It really doesn't matter how many animals you have, what matters is your mentality. Every animal I have ever owned has been cared for in the best way that is appropriate for that species. I happen to believe that my dogs have it pretty **** good and I don't see any way in which they could be 'suffering'. 

I think many one dog homes feel they are the best thing ever but still they miss out on the basics of dog care. I work pet retail and it saddens me the amount of dogs that can't be handled for regular care. My dogs are perfectly fine to trim nails/clean ears/medicate/pull ticks from etc... I can put boots on them, they behave at the vets, they are safe to be in public with no worries about what is going on around them. 

Ones dog may be spoiled, eat the best food, have their special spot on the couch, have a fancy food bowl. But so many of them can't be handled, can't be walked without freaking on people/dogs going by. And these same owners think I am cruel to own so many dogs, and that I expect them to behave, and that I do competitive obedience with them. How dare I expect my dog to do something. They don't get that the dogs love it! I may own a lot of dogs but they are all very well adjusted, happy dogs that enjoy their lives and don't have much of a care in the world. They love going to training class, to trials, for runs in the woods, to visit their dog friends. They love to relax at home while we watch a movie. Right now they are all asleep at my feet with the pit bull sleeping in her $100 bowser bed wearing her $50 hand knit moosie sweater complete with antlers. Because you know, she has such little hair and it's so cold lol.


----------



## JeanKBBMMMAAN (May 11, 2005)

BARBIElovesSAILOR said:


> Okay people, thank you for all your responses.mi have heard that that lady, possibly has nothing wrong with her, and you all have multiple animals you can take care of fine, and do well with. In that case... What DOES define animal hoarding? Is there a number of animals you have before it gets out of control? Is it situational? Dependent on condition of the house? What makes a hoarder? Of animals that is...

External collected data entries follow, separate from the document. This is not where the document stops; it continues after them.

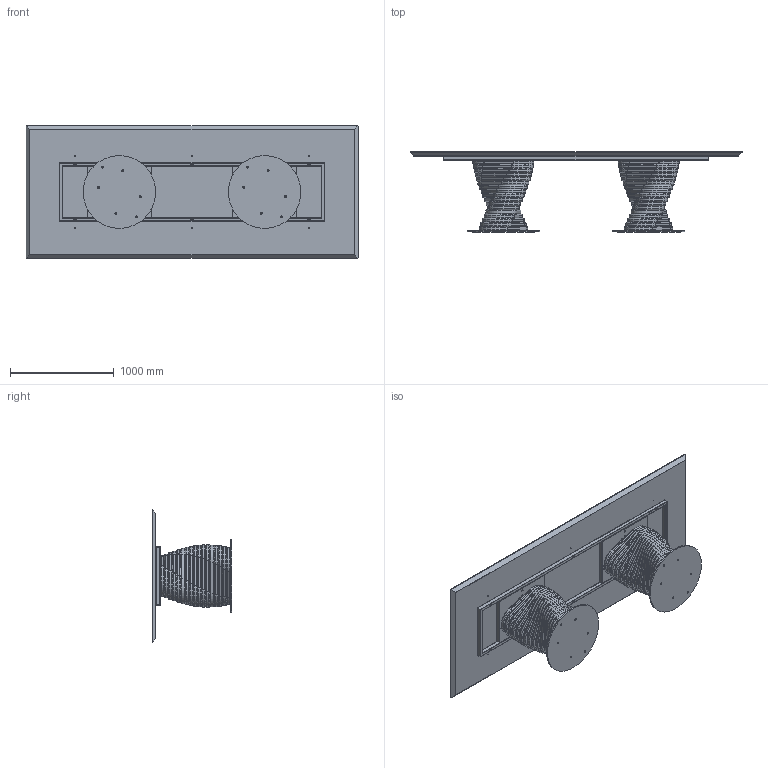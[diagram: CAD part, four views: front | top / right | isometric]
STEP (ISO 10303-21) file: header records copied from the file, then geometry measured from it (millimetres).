
FILE_DESCRIPTION (( 'STEP AP203' ), '1' );
FILE_NAME ('RO278W.STEP', '2024-08-07T13:20:12', ( '' ), ( '' ), 'SwSTEP 2.0', 'SolidWorks 2022', '' );
FILE_SCHEMA (( 'CONFIG_CONTROL_DESIGN' ));
Length unit declared in the file: millimetre
Products named in the file (15): W2XCMXX-00-Piani Rettangolari in legno_3200 x 1280; M8xXXmm_hex_M8X20mm; ROBX00000-00-ROTOLO BASE 17 ANELLI; TTAV03_02-06-VASSOIO IRRIGIDIMENTO TELAIO UNIVERSALE RETTANGOLARE; rondella M8_8X24; M8xXXmm_M8x55mm; TTAV03_01-06-RING TUBO TELAIO UNIVERSALE X TAVOLI 300-340cm; ROBX00000SUP-00-Anello rotolo SUPERIORE_Default<A macchina>; ROB200000-00-PIASTRA BASE_Ø70cm; M8xXXmm_M8x20mm; ROBX00000MED-00-Anello rotolo MEDIO_Default<A macchina>; RO278W; ROBX00000INF-00-Anello rotolo INFERIORE_Default<A macchina>; COLLO TELAIO UNIVERSALE TTAV03 CON FERRAMENTA_MTG TOP LEGNO-MARMO-KING; TTAV03-06-TELAIO UNIVERSALE X TAVOLI 300-340cm
Assembly tree (67 placements, depth 4):
  RO278W
    ROB200000-00-PIASTRA BASE_Ø70cm  x2
    COLLO TELAIO UNIVERSALE TTAV03 CON FERRAMENTA_MTG TOP LEGNO-MARMO-KING
      TTAV03-06-TELAIO UNIVERSALE X TAVOLI 300-340cm
        TTAV03_01-06-RING TUBO TELAIO UNIVERSALE X TAVOLI 300-340cm
        TTAV03_02-06-VASSOIO IRRIGIDIMENTO TELAIO UNIVERSALE RETTANGOLARE  x2
      rondella M8_8X24  x6
      M8xXXmm_M8x55mm  x6
    ROBX00000-00-ROTOLO BASE 17 ANELLI  x2
      ROBX00000INF-00-Anello rotolo INFERIORE_Default<A macchina>
      ROBX00000MED-00-Anello rotolo MEDIO_Default<A macchina>
      ROBX00000SUP-00-Anello rotolo SUPERIORE_Default<A macchina>
    M8xXXmm_hex_M8X20mm  x12
    rondella M8_8X24  x8
    M8xXXmm_M8x20mm  x8
    W2XCMXX-00-Piani Rettangolari in legno_3200 x 1280
Bounding box: 3200 x 770 x 1280 mm (x, y, z)
Volume: 173850910.7 mm3; surface area: 22902907 mm2
Topology: 182 solids, 182 shells, 3072 faces, 7232 edges, 4460 vertices
Faces by surface type: plane 1238, cylinder 1040, torus 464, cone 322, sphere 8
Entity records: 23351 total; most frequent: CARTESIAN_POINT 5128, DIRECTION 3336, ORIENTED_EDGE 3028, EDGE_CURVE 1514, AXIS2_PLACEMENT_3D 1261, VERTEX_POINT 943, LINE 814, VECTOR 814

Again, google Tuft's hoarding papers and get a ton of information on it that has been researched and looked at by experts. I can't imagine that anyone can offer more comprehensive informed replies than what you will find there.

ETA-then people can have conversation on good, solid information instead of feelings and incorrect suppositions.


----------



## Mikelia (Aug 29, 2012)

What I find to be a common mentality of true hoarders is the belief that they are saving the animals and no one else could possibly care for them better than the hoarder does. Many times it starts with 'rescued' animals and the hoarder keeps taking in more, but none ever get to leave. Or they start with a few animals, those animals breed, whole litters stay, more dogs get added and you end up with a whole lot of animals and a whole lot of mess. 
I know of situations where there are only a few animals but I would still consider them hoarders.


----------



## BARBIElovesSAILOR (Aug 11, 2014)

From what I am seeing it sounds as... It's irrelevant the # of animals to a certain extent yes?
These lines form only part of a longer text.